━━━ The data ━━━
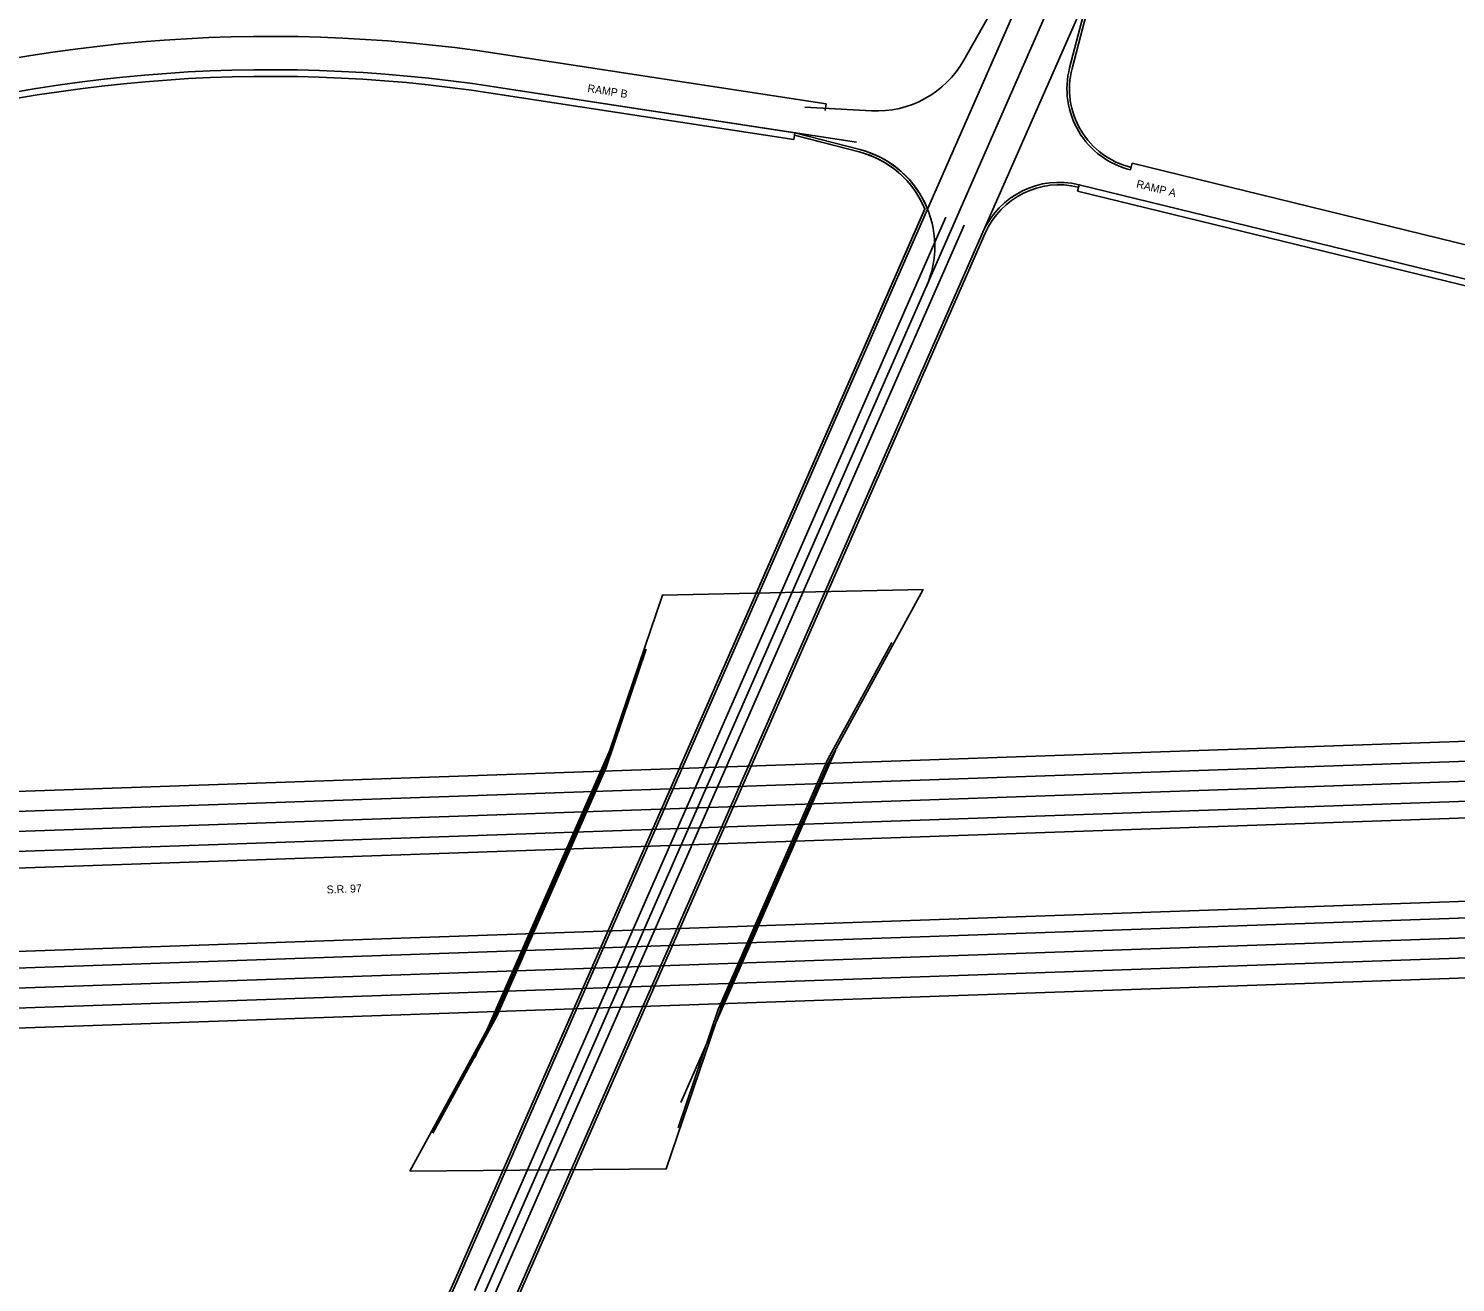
# Model space of a CAD drawing. Extents: x 2315515 to 2326910, y 758186 to 762794.
# Drawn here: x 2320623 to 2321480, y 759999 to 760752 of the extents above; entities that cross this region are included whole.
import ezdxf

# ---------------------------------------------------------------- set-up
doc = ezdxf.new("R2010")
doc.units = 0
for name, color, linetype in [('_CIVIL_CONSTRUCTION', 7, 'Continuous'), ('Bridge_Abutment', 7, 'Continuous'), ('Bridge_Bearing', 7, 'Continuous'), ('Bridge_Deck', 7, 'Continuous'), ('Clipping_Shape', 7, 'Continuous'), ('Default', 7, 'Continuous'), ('Draft_Corr_Design', 7, 'Continuous'), ('Draft_Corr_Range_Design', 7, 'Continuous'), ('E_Terrain_Exterior', 7, 'Continuous'), ('Pavement Marking Yellow', 7, 'Continuous'), ('Road_Curb_Face', 7, 'Continuous'), ('TL_Base Extension Sub', 7, 'Continuous'), ('TL_End Condition Ditch In', 7, 'Continuous'), ('TL_Pavement Centerline', 7, 'Continuous'), ('TL_Pavement Centerline Sub', 7, 'Continuous')]:
    doc.layers.add(name, color=color, linetype=linetype)

msp = doc.modelspace()

# ---------------------------------------------------------------- linework, layer by layer
at = {"layer": '_CIVIL_CONSTRUCTION'}
for p, q in [((2320276.47, 760246.31), (2324005.99, 760375.28)), ((2320278.89, 760176.35), (2324008.41, 760305.32))]:
    msp.add_line(p, q, dxfattribs=at)
at = {"layer": 'Bridge_Abutment'}
for p, q in [((2320969.99, 760308.48), (2320994.04, 760379.52)), ((2321103.18, 760313.34), (2321141.61, 760383.5)), ((2321037.24, 760163.18), (2321103.18, 760313.34)), ((2320904.45, 760159.23), (2320969.99, 760308.48)), ((2320866.02, 760089.07), (2320904.45, 760159.23)), ((2321013.19, 760092.14), (2321037.24, 760163.18))]:
    msp.add_line(p, q, dxfattribs=at)
at = {"layer": 'Bridge_Bearing'}
for p, q in [((2320994.04, 760379.52), (2320969.99, 760308.48)), ((2321141.61, 760383.5), (2321103.18, 760313.34)), ((2321037.24, 760163.18), (2321103.18, 760313.34)), ((2320904.45, 760159.23), (2320969.99, 760308.48)), ((2320866.02, 760089.07), (2320904.45, 760159.23)), ((2321013.19, 760092.14), (2321037.24, 760163.18))]:
    msp.add_line(p, q, dxfattribs=at)
at = {"layer": 'Bridge_Deck'}
for p, q in [((2320891.32, 760134.31), (2320977.73, 760331.08)), ((2321014.91, 760107.35), (2321107.69, 760318.64)), ((2321083.8, 760264.22), (2321104.32, 760310.96)), ((2320946.28, 760259.47), (2320966.81, 760306.21)), ((2320903.45, 760161.93), (2320923.97, 760208.67)), ((2321040.97, 760166.69), (2321061.49, 760213.42))]:
    msp.add_line(p, q, dxfattribs=at)
at = {"layer": 'Clipping_Shape'}
for p, q in [((2320969.05, 760308.84), (2320993.1, 760379.84)), ((2320903.55, 760159.68), (2320969.05, 760308.84)), ((2320865.15, 760089.55), (2320903.55, 760159.68))]:
    msp.add_line(p, q, dxfattribs=at)
msp.add_lwpolyline([(2320852.18, 760066.22), (2320904.32, 760161.43), (2320968.54, 760307.66), (2321003.83, 760411.9), (2321160.28, 760415.23), (2321103.45, 760311.46), (2321039.24, 760165.23), (2321006.16, 760067.57)], close=True, dxfattribs=at)
at = {"layer": 'Default'}
msp.add_line((2320896.62, 759992.18), (2321353.37, 761032.31), dxfattribs=at)
msp.add_line((2320896.62, 759992.18), (2321353.37, 761032.31), dxfattribs=at)
msp.add_line((2320896.62, 759992.18), (2321353.37, 761032.31), dxfattribs=at)
at = {"layer": 'Draft_Corr_Design'}
for p, q in [((2320276.82, 760236.32), (2324006.34, 760365.29)), ((2320278.54, 760186.35), (2324008.07, 760315.32))]:
    msp.add_line(p, q, dxfattribs=at)
at = {"layer": 'Draft_Corr_Range_Design'}
for p, q in [((2320276.06, 760258.31), (2324005.58, 760387.27)), ((2320279.3, 760164.36), (2324008.83, 760293.33))]:
    msp.add_line(p, q, dxfattribs=at)
at = {"layer": 'E_Terrain_Exterior'}
for p, q in [((2321248.25, 760728.26), (2321261.03, 760777.26)), ((2321184.77, 760732.91), (2321204.51, 760767.93)), ((2320902.91, 760716.92), (2321120.26, 760683.63)), ((2320902.91, 760716.92), (2321083.3, 760689.29)), ((2321089.22, 760704.57), (2321129.36, 760702.47)), ((2321083.3, 760689.29), (2321122.24, 760679.28)), ((2321083.3, 760689.29), (2321122.24, 760679.28)), ((2321253.87, 760658.15), (2322014.36, 760472.45)), ((2321253.87, 760658.15), (2322014.36, 760472.45)), ((2320880.14, 759999.42), (2321162.98, 760643.51)), ((2320880.14, 759999.42), (2321162.98, 760643.51)), ((2320913.1, 759984.94), (2321196.22, 760629.68)), ((2320913.1, 759984.94), (2321196.22, 760629.68))]:
    msp.add_line(p, q, dxfattribs=at)
for centre, radius, start, end in [((2321132.5, 760762.38), 60, 267.00289, 330.58171), ((2320768.62, 759840.14), 887, 81.2923, 108.48035), ((2320768.62, 759840.14), 887, 81.2923, 108.48035), ((2321296.63, 760715.64), 50, 165.38258, 256.27773), ((2321107.3, 760621.17), 60, 336.2923, 75.58171), ((2321107.3, 760621.17), 60, 21.8653, 75.58171), ((2321242.01, 760609.57), 50, 76.27773, 156.2923), ((2330052.71, 755971.47), 10018, 156.292302, 157.976797), ((2330052.71, 755971.47), 10018, 156.292302, 157.976797)]:
    msp.add_arc(centre, radius, start, end, dxfattribs=at)
at = {"layer": 'Pavement Marking Yellow'}
for p, q in [((2320891.13, 759994.59), (2321173.97, 760638.69)), ((2320902.12, 759989.77), (2321184.96, 760633.86))]:
    msp.add_line(p, q, dxfattribs=at)
at = {"layer": 'Road_Curb_Face'}
for p, q in [((2321249.7, 760727.88), (2321262.48, 760776.88)), ((2321249.7, 760727.88), (2321262.45, 760776.76)), ((2321082.93, 760687.83), (2321121.86, 760677.82)), ((2321083.08, 760687.8), (2321121.86, 760677.82)), ((2320878.77, 760000.02), (2321161.61, 760644.12)), ((2320878.77, 760000.02), (2321161.35, 760643.53)), ((2320914.48, 759984.34), (2321197.6, 760629.07))]:
    msp.add_line(p, q, dxfattribs=at)
for centre, radius, start, end in [((2321296.63, 760715.64), 48.5, 165.38258, 256.27773), ((2321296.63, 760715.64), 48.5, 165.38258, 256.27773), ((2321107.3, 760621.17), 58.5, 23.80086, 75.58171), ((2321107.3, 760621.17), 58.5, 22.47924, 75.58171), ((2321242.01, 760609.57), 48.5, 76.27773, 156.2923), ((2330052.71, 755971.47), 10019.5, 156.292302, 157.976797), ((2330052.71, 755971.47), 10019.5, 156.292302, 157.976797)]:
    msp.add_arc(centre, radius, start, end, dxfattribs=at)
at = {"layer": 'TL_Base Extension Sub'}
for p, q in [((2320275.64, 760270.3), (2322857.02, 760359.56)), ((2320279.72, 760152.37), (2322571.61, 760231.62))]:
    msp.add_line(p, q, dxfattribs=at)
at = {"layer": 'TL_End Condition Ditch In'}
for p, q in [((2321196.22, 760629.68), (2321261.03, 760777.26)), ((2321162.98, 760643.51), (2321215.5, 760763.1))]:
    msp.add_line(p, q, dxfattribs=at)
at = {"layer": 'TL_Pavement Centerline'}
for p, q in [((2320905.94, 760736.68), (2321102.11, 760706.64)), ((2320905.94, 760736.68), (2321102.11, 760706.64)), ((2320902.31, 760712.96), (2321082.7, 760685.33)), ((2321101.5, 760702.69), (2321102.11, 760706.64)), ((2321083.3, 760689.29), (2321082.7, 760685.33)), ((2321284.77, 760667.07), (2321285.72, 760670.96)), ((2321285.72, 760670.96), (2322019.11, 760491.87)), ((2321253.87, 760658.15), (2321252.92, 760654.26)), ((2321252.92, 760654.26), (2322013.41, 760468.56))]:
    msp.add_line(p, q, dxfattribs=at)
for radius in [907, 907, 883]:
    msp.add_arc((2320768.62, 759840.14), radius, 81.2923, 108.48035, dxfattribs=at)
at = {"layer": 'TL_Pavement Centerline Sub'}
for p, q in [((2320275.23, 760282.29), (2322856.61, 760371.56)), ((2320280.13, 760140.38), (2322560.05, 760219.22))]:
    msp.add_line(p, q, dxfattribs=at)

# ---------------------------------------------------------------- texts
at = {"layer": 'Default'}
for s, rotation, p in [('RAMP B', 351.36386, (2320958.61, 760713.78)), ('RAMP A', 346.28564, (2321287.95, 760656.5)), ('S.R. 97', 2.10743, (2320802.41, 760232.8))]:
    msp.add_text(s, height=4.724, rotation=rotation, dxfattribs=at).set_placement(p)

doc.saveas('drawing.dxf')
━━━
_Aim of the exercise_
Print, with pictures removed, exactly the lines of the records above from the top through the line containing "doc.units = 0".

_Written response_
# Model space of a CAD drawing. Extents: x 2315515 to 2326910, y 758186 to 762794.
# Drawn here: x 2320623 to 2321480, y 759999 to 760752 of the extents above; entities that cross this region are included whole.
import ezdxf

# ---------------------------------------------------------------- set-up
doc = ezdxf.new("R2010")
doc.units = 0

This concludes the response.